If using high drain cells, you may try lowering the cell voltage. You could, for example, start at 3.7V with a 30Q and measure current flow. Maybe the overall Vf off 3 XP-G3 emitters in parallel is a bit low, this way there's a very good chance the emitters will survive by limiting the potential current avalanche.
Turning blue means catastrophic levels of current being pushed through the chip.
I had a “3V-22V” drop-in that I wanted to test to make sure it could handle even only 2 cells, so put in 2 18350s. Got really blue and really dim. Didn’t have it that way for more than 1-2sec tops, pulled the plug. 1 cell back in, the bugger survived.
1 cell?? Dunno how a trip could go blue from only 1 cell like that, even if just crowbarred right across the LEDs.

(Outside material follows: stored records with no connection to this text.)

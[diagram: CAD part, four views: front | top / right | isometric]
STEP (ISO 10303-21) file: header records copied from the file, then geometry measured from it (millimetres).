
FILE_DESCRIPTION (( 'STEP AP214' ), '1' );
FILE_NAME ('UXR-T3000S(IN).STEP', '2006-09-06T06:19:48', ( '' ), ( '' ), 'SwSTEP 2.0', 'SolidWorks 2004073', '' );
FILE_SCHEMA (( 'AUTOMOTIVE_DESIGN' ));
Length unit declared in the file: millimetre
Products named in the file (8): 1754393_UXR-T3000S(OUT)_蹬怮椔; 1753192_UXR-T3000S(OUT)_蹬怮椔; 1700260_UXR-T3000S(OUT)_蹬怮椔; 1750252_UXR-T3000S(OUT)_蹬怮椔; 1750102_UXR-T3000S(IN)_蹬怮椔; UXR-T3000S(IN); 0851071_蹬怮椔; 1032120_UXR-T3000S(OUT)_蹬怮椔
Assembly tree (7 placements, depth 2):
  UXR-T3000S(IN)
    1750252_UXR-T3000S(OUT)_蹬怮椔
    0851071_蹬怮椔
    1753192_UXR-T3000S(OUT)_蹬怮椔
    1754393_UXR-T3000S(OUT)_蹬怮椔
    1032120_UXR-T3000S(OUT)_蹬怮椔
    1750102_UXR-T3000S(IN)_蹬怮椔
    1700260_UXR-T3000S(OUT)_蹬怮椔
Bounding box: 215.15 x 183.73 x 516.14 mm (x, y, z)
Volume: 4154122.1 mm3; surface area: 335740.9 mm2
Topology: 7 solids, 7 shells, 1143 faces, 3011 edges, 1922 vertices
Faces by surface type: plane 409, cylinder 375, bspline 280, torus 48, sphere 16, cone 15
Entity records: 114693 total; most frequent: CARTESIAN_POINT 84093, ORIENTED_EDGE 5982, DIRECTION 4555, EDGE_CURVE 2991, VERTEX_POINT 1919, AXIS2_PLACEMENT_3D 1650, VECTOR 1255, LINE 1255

Unless they separated from the mcpcb and were just floating? Could make electrical contact w/o much thermal contact. That might cook ’em.
It was on no more than a second after turning blue but no help. I don’t understand how would they get so hot that fast. I was using it max 2 minutes before they died but it wasn’t constant on as I was playing with modes.
Interesting is moon didn’t work at all (before it died), leds were off in that mode.
It’s before my time here, but I believe OL did pretty much only DD lights: LED and Li cell and switch, that’s the whole circuit. Don’t think they could cook so fast unless there was some serious thermal upset.
Turning blue means that solder under led is bad and melting at low temperatures. Try to reflow same xpg3 with better solder and flux, worked for me couple times even with DTP boards and XHP70…
The emitter board is said to be aluminium and heat transfer to the leds' thermal pad is thus also crippled. It would be wise to start measuring tailcap currents with less than fully charged batteries and work your way up from there to observe current ramp up as cell voltage is increased.
As it is, lower discharge cells may work better in this torch.
Just clean all remaining solder with copper wire after removing led, and some 1000 grit sandpaper will clean underneath led remains with just slight moving without any pressure. Applying good flux and quality solder will solve the problem for good…
I tried today several times and there is always at least one led not working good.
All of them are working now, but 2 are on only about 50% brightness.
Not gonna bother with it anymore.
I have asked Sofin for replacement MCPCB or I will somehow put 3 DTP boards in with XP-L HI.